Today, I could not make it off the couch.  I have been here ALL day.  Fever all day long.  Fatigue that I just can’t shake.  Stomach ache.  And of course, confusion.  But fortunately, I got to take the whole day and rest.  I am so blessed that I have a husband here who takes the kids when I am sick.  My sweet friend, Jillian, is doing this battle alone.  She helps me keep perspective.  She is a full time teacher and a mom to a precious 5 year old. Jillian, I am so proud of you!!!!

So, how I am gonna school the kids while in a flare…this will be a new experience.  I just hope that I don’t need to get on more prednisone to make it go away.  I am so tired of gaining weight.

And that is my update for now!  Still curious why my sweet friends even read this…but your prayers are so appreciated.  And as always, I like to know what is going on with YOU.  So let me know!

Oh Crhappy Day!

When you live in the Smith house and you have a crappy day, what do you do?  You make this:

It may not look spectacular….but it WAS!!!  Fresh lemon shrimp scampi.  Unbelievably fresh and good.  Gluten free and fabulous!  Thanks to my sweet mom for bringing the shrimp over to brighten my evening.

I have not really gotten up today, except to make dinner.  It has been a hard day, physically.  I suspect it is b/c Luck traveled this week and I did not take the breaks I was used to.  Either way, it was rotten.  And more and more, people don’t seem to understand why I am not calling them back or showing up to things.  Or maybe I just am insecure that they don’t understand?  This week alone I was a no-show at 2 different things.  I cried a bunch today.  But then Luck got home and we made this dinner and had some of my favorite wine in the world: Ballet of Angels, compliments of Sarah Tenney.  So yummy!  So happy!

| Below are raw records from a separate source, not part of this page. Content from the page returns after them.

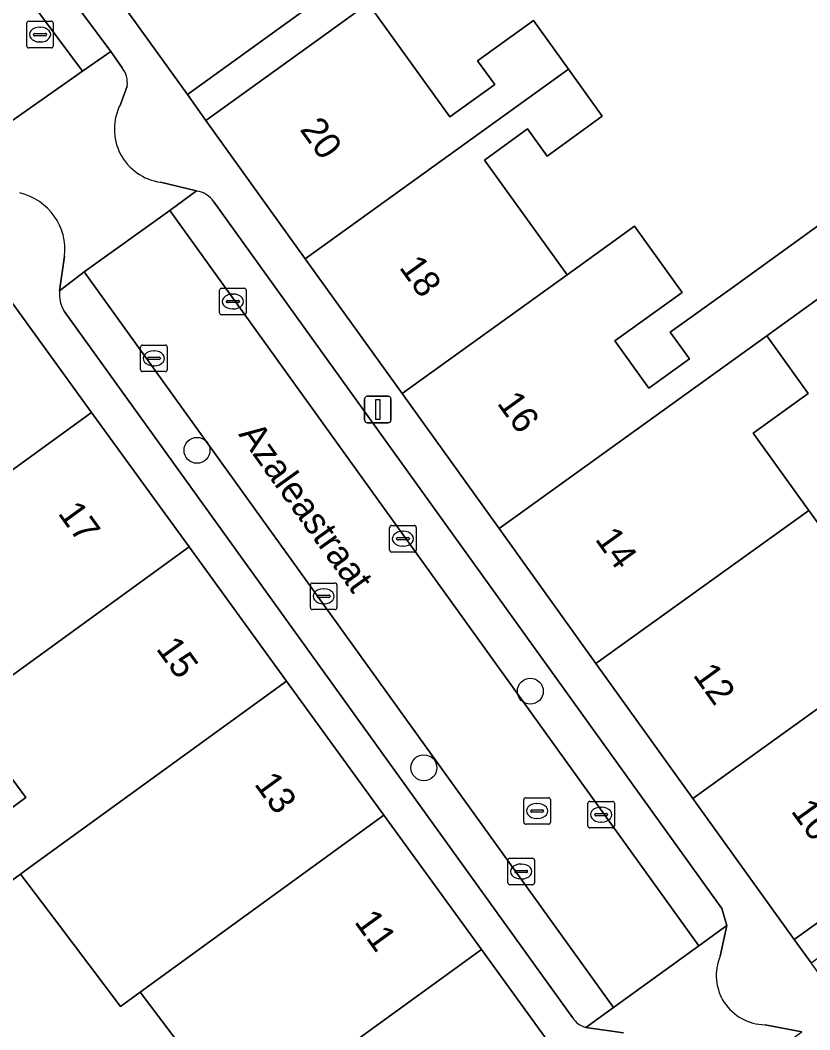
# Model space of a CAD drawing. Extents: x 161881 to 162523, y 381678 to 382381.
# Drawn here: x 162168.42 to 162198.15, y 381942.76 to 381980.78 of the extents above; entities that cross this region are included whole.
import ezdxf

# ---------------------------------------------------------------- set-up
doc = ezdxf.new("R2010")
doc.units = 0
for name, color, linetype in [('IMGEO_Boom', 7, 'Continuous'), ('IMGEO_Erf', 7, 'Continuous'), ('IMGEO_Kolk', 7, 'Continuous'), ('IMGEO_Lichtmast', 7, 'Continuous'), ('IMGEO_Openbare_ruimte_label', 7, 'Continuous'), ('IMGEO_Pand', 7, 'Continuous'), ('IMGEO_Pand_nummerreeks', 7, 'Continuous'), ('IMGEO_Parkeervlak_open', 7, 'Continuous'), ('IMGEO_Rijbaan_lokaal_open', 7, 'Continuous'), ('IMGEO_Rioolput', 7, 'Continuous'), ('IMGEO_Voetpad_open', 7, 'Continuous')]:
    doc.layers.add(name, color=color, linetype=linetype)

msp = doc.modelspace()

# ---------------------------------------------------------------- linework, layer by layer
at = {"layer": 'IMGEO_Boom'}
for centre in [(162175.078, 381964.578), (162187.627, 381955.507), (162183.621, 381952.624)]:
    msp.add_circle(centre, 0.489, dxfattribs=at)
at = {"layer": 'IMGEO_Erf'}
for points in [[(162181.521, 381981.402), (162184.595, 381977.135), (162186.287, 381978.354), (162185.642, 381979.251), (162187.741, 381980.763), (162189.059, 381978.933), (162190.337, 381977.159), (162188.256, 381975.66), (162187.522, 381976.679), (162185.899, 381975.51), (162189.013, 381971.188), (162191.552, 381973.017), (162193.346, 381970.527), (162190.807, 381968.698), (162192.09, 381966.917), (162193.621, 381968.02), (162192.896, 381969.027), (162195.221, 381970.702), (162200.713, 381974.659)], [(162204.344, 381974.538), (162196.525, 381968.892), (162198.089, 381966.721), (162196.011, 381965.224), (162198.108, 381962.315), (162199.336, 381960.612)], [(162175.389, 381940.937), (162172.942, 381944.178), (162172.196, 381943.637), (162169.811, 381946.798), (162168.435, 381948.622), (162167.308, 381947.805), (162167.043, 381947.612), (162165.741, 381949.371), (162167.366, 381950.575), (162168.628, 381951.51), (162166.234, 381954.743), (162164.203, 381953.269), (162164.056, 381953.468), (162163.85, 381953.747), (162161.313, 381957.173), (162162.248, 381957.851), (162161.421, 381958.968), (162160.092, 381960.763), (162162.184, 381962.312), (162162.831, 381961.439), (162164.467, 381962.65), (162161.41, 381966.864), (162140.416, 381951.63)]]:
    msp.add_lwpolyline(points, dxfattribs=at)
at = {"layer": 'IMGEO_Kolk'}
for p, q in [((162168.667, 381979.809), (162168.667, 381980.661)), ((162168.742, 381980.735), (162169.594, 381980.735)), ((162169.155, 381980.515), (162169.18, 381980.515)), ((162169.668, 381980.661), (162169.668, 381979.809)), ((162168.926, 381980.229), (162168.926, 381980.241)), ((162169.364, 381980.192), (162168.966, 381980.192)), ((162168.969, 381980.278), (162169.367, 381980.278)), ((162169.41, 381980.241), (162169.41, 381980.229)), ((162169.594, 381979.735), (162168.742, 381979.735)), ((162169.178, 381979.955), (162169.153, 381979.955)), ((162175.93, 381969.757), (162175.93, 381970.609)), ((162176.005, 381970.683), (162176.857, 381970.683)), ((162176.931, 381970.609), (162176.931, 381969.757)), ((162176.232, 381970.226), (162176.63, 381970.226)), ((162176.418, 381970.463), (162176.443, 381970.463)), ((162176.189, 381970.177), (162176.189, 381970.189)), ((162176.627, 381970.14), (162176.229, 381970.14)), ((162176.441, 381969.903), (162176.416, 381969.903)), ((162176.673, 381970.189), (162176.673, 381970.177)), ((162176.857, 381969.683), (162176.005, 381969.683)), ((162172.955, 381967.616), (162172.955, 381968.468)), ((162173.03, 381968.542), (162173.882, 381968.542)), ((162173.443, 381968.322), (162173.468, 381968.322)), ((162173.956, 381968.468), (162173.956, 381967.616)), ((162173.214, 381968.036), (162173.214, 381968.048)), ((162173.652, 381967.999), (162173.254, 381967.999)), ((162173.257, 381968.085), (162173.655, 381968.085)), ((162173.698, 381968.048), (162173.698, 381968.036)), ((162173.466, 381967.762), (162173.441, 381967.762)), ((162173.882, 381967.542), (162173.03, 381967.542)), ((162182.331, 381960.823), (162182.331, 381961.675)), ((162182.406, 381961.749), (162183.258, 381961.749)), ((162182.819, 381961.529), (162182.844, 381961.529)), ((162183.332, 381961.675), (162183.332, 381960.823)), ((162182.59, 381961.243), (162182.59, 381961.255)), ((162183.028, 381961.206), (162182.63, 381961.206)), ((162182.633, 381961.292), (162183.031, 381961.292)), ((162183.074, 381961.255), (162183.074, 381961.243)), ((162183.258, 381960.749), (162182.406, 381960.749)), ((162182.842, 381960.969), (162182.817, 381960.969)), ((162179.421, 381959.581), (162180.273, 381959.581)), ((162179.346, 381958.655), (162179.346, 381959.507)), ((162179.834, 381959.361), (162179.859, 381959.361)), ((162180.347, 381959.507), (162180.347, 381958.655)), ((162179.605, 381959.075), (162179.605, 381959.087)), ((162180.043, 381959.038), (162179.645, 381959.038)), ((162179.648, 381959.124), (162180.046, 381959.124)), ((162180.089, 381959.087), (162180.089, 381959.075)), ((162180.273, 381958.581), (162179.421, 381958.581)), ((162179.857, 381958.801), (162179.832, 381958.801)), ((162189.792, 381950.433), (162189.792, 381951.285)), ((162189.867, 381951.359), (162190.719, 381951.359)), ((162190.793, 381951.285), (162190.793, 381950.433)), ((162190.051, 381950.853), (162190.051, 381950.865)), ((162190.094, 381950.902), (162190.492, 381950.902)), ((162190.28, 381951.139), (162190.305, 381951.139)), ((162190.535, 381950.865), (162190.535, 381950.853)), ((162190.489, 381950.816), (162190.091, 381950.816)), ((162190.303, 381950.579), (162190.278, 381950.579)), ((162190.719, 381950.359), (162189.867, 381950.359)), ((162186.783, 381948.291), (162186.783, 381949.143)), ((162186.858, 381949.217), (162187.71, 381949.217)), ((162187.271, 381948.997), (162187.296, 381948.997)), ((162187.784, 381949.143), (162187.784, 381948.291)), ((162187.042, 381948.711), (162187.042, 381948.723)), ((162187.48, 381948.674), (162187.082, 381948.674)), ((162187.085, 381948.76), (162187.483, 381948.76)), ((162187.526, 381948.723), (162187.526, 381948.711)), ((162187.71, 381948.217), (162186.858, 381948.217)), ((162187.294, 381948.437), (162187.269, 381948.437))]:
    msp.add_line(p, q, dxfattribs=at)
for points in [[(162168.667, 381979.809), (162168.667, 381980.661)], [(162168.742, 381980.735), (162169.594, 381980.735)], [(162169.668, 381980.661), (162169.668, 381979.809)], [(162169.594, 381979.735), (162168.742, 381979.735)], [(162175.93, 381969.757), (162175.93, 381970.609)], [(162176.005, 381970.683), (162176.857, 381970.683)], [(162176.931, 381970.609), (162176.931, 381969.757)], [(162176.857, 381969.683), (162176.005, 381969.683)], [(162172.955, 381967.616), (162172.955, 381968.468)], [(162173.03, 381968.542), (162173.882, 381968.542)], [(162173.956, 381968.468), (162173.956, 381967.616)], [(162173.882, 381967.542), (162173.03, 381967.542)], [(162182.331, 381960.823), (162182.331, 381961.675)], [(162182.406, 381961.749), (162183.258, 381961.749)], [(162183.332, 381961.675), (162183.332, 381960.823)], [(162183.258, 381960.749), (162182.406, 381960.749)], [(162179.421, 381959.581), (162180.273, 381959.581)], [(162179.346, 381958.655), (162179.346, 381959.507)], [(162180.347, 381959.507), (162180.347, 381958.655)], [(162180.273, 381958.581), (162179.421, 381958.581)], [(162189.792, 381950.433), (162189.792, 381951.285)], [(162189.867, 381951.359), (162190.719, 381951.359)], [(162190.793, 381951.285), (162190.793, 381950.433)], [(162190.719, 381950.359), (162189.867, 381950.359)], [(162186.783, 381948.291), (162186.783, 381949.143)], [(162186.858, 381949.217), (162187.71, 381949.217)], [(162187.784, 381949.143), (162187.784, 381948.291)], [(162187.71, 381948.217), (162186.858, 381948.217)]]:
    msp.add_lwpolyline(points, dxfattribs=at)
for centre, radius, start, end in [((162168.744, 381980.659), 0.0765, 91.552, 178.448), ((162168.744, 381980.659), 0.0765, 91.552, 178.448), ((162169.592, 381980.659), 0.0765, 1.552, 88.448), ((162169.592, 381980.659), 0.0765, 1.552, 88.448), ((162168.966, 381980.238), 0.0403, 85.8775, 175.7526), ((162168.963, 381980.228), 0.0366, 178.938, 274.7102), ((162169.367, 381980.235), 0.043, 264.8664, 352.4533), ((162169.371, 381980.24), 0.0386, 1.7309, 96.639), ((162168.744, 381979.811), 0.0765, 181.552, 268.448), ((162168.744, 381979.811), 0.0765, 181.552, 268.448), ((162169.592, 381979.811), 0.0765, 271.552, 358.448), ((162169.592, 381979.811), 0.0765, 271.552, 358.448), ((162176.007, 381970.607), 0.0765, 91.552, 178.448), ((162176.007, 381970.607), 0.0765, 91.552, 178.448), ((162176.855, 381970.607), 0.0765, 1.552, 88.448), ((162176.855, 381970.607), 0.0765, 1.552, 88.448), ((162176.229, 381970.186), 0.0403, 85.8775, 175.7526), ((162176.634, 381970.188), 0.0386, 1.7309, 96.639), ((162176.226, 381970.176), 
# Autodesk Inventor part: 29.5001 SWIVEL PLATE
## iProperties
Created: 2007-07
Part Number: 29.5001 SWIVEL PLATE
Material: Steel
Document SubType Name: Modeling
Designer: Andy Moles
Density: 7.85 g/cm^3
Mass: 325.898 g
Surface Area: 235.596 cm^2
Volume: 41.5157 cm^3
Author: Andy Moles
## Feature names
1. Base1

On to good news:  My allergist (has been seeing me since i was 18) told me that I am no longer allergic to ANY foods.  He has been telling me what I AM allergic to all of this time.  That is right!  He was not sure if it was the meds I have been on for Lupus or if I “outgrew” them or what….but he said my blood is perfect!  He was kinda speechless.

He said I am still intolerant to foods.  Like corn and wheat.  But the huge thing to me is: my cheating and eating them now and then won’t affect my Lupus!!!!  Yeehaw!  We are still gluten and corn free….but not dairy, eggs, etc….  I think that is a gift from God who knew I needed some good news!

I called my Rheumatologist today for help with why I am still gaining weight and why my brain is stuck in a fog.  I felt like he just completely wrote me off.  I think he is still giving it a few years before he decides the Lupus label is correct.  To him, my organs seem fine, so suck it up.  But to me…how am I supposed to be a wife and mom when i feel this crappy all of the time???

I have been told that the autoimmune journey will 3-4 years to figure out.  I guess I thought I was the exception.  I no longer think that.  Many people suffer for many years feeling alone and crazy before a for sure diagnosis is made.  And before they get help.  Symptoms may pop up and go away. While he still considers me a Lupus patient, we wait.

Today, I just wanted to go away.  I am tired today of being tired.  I am tired of people asking me how I am in hopes that I will say,”Great!” when in reality I want to say that I am crappy.  But I don’t want to be one of “those” people….we all know them.  All they do is complain.  So I just want to hide until this ends.

But then my hubby came home and we made dinner together and are enjoying our kids.  I am off to enjoy them now, too.  I needed a break from them, but think I am ready to see everyone again 😉  Even after a crappy day, I still feel like the most blessed person in the world.

Thanks for caring about me, my sweet readers.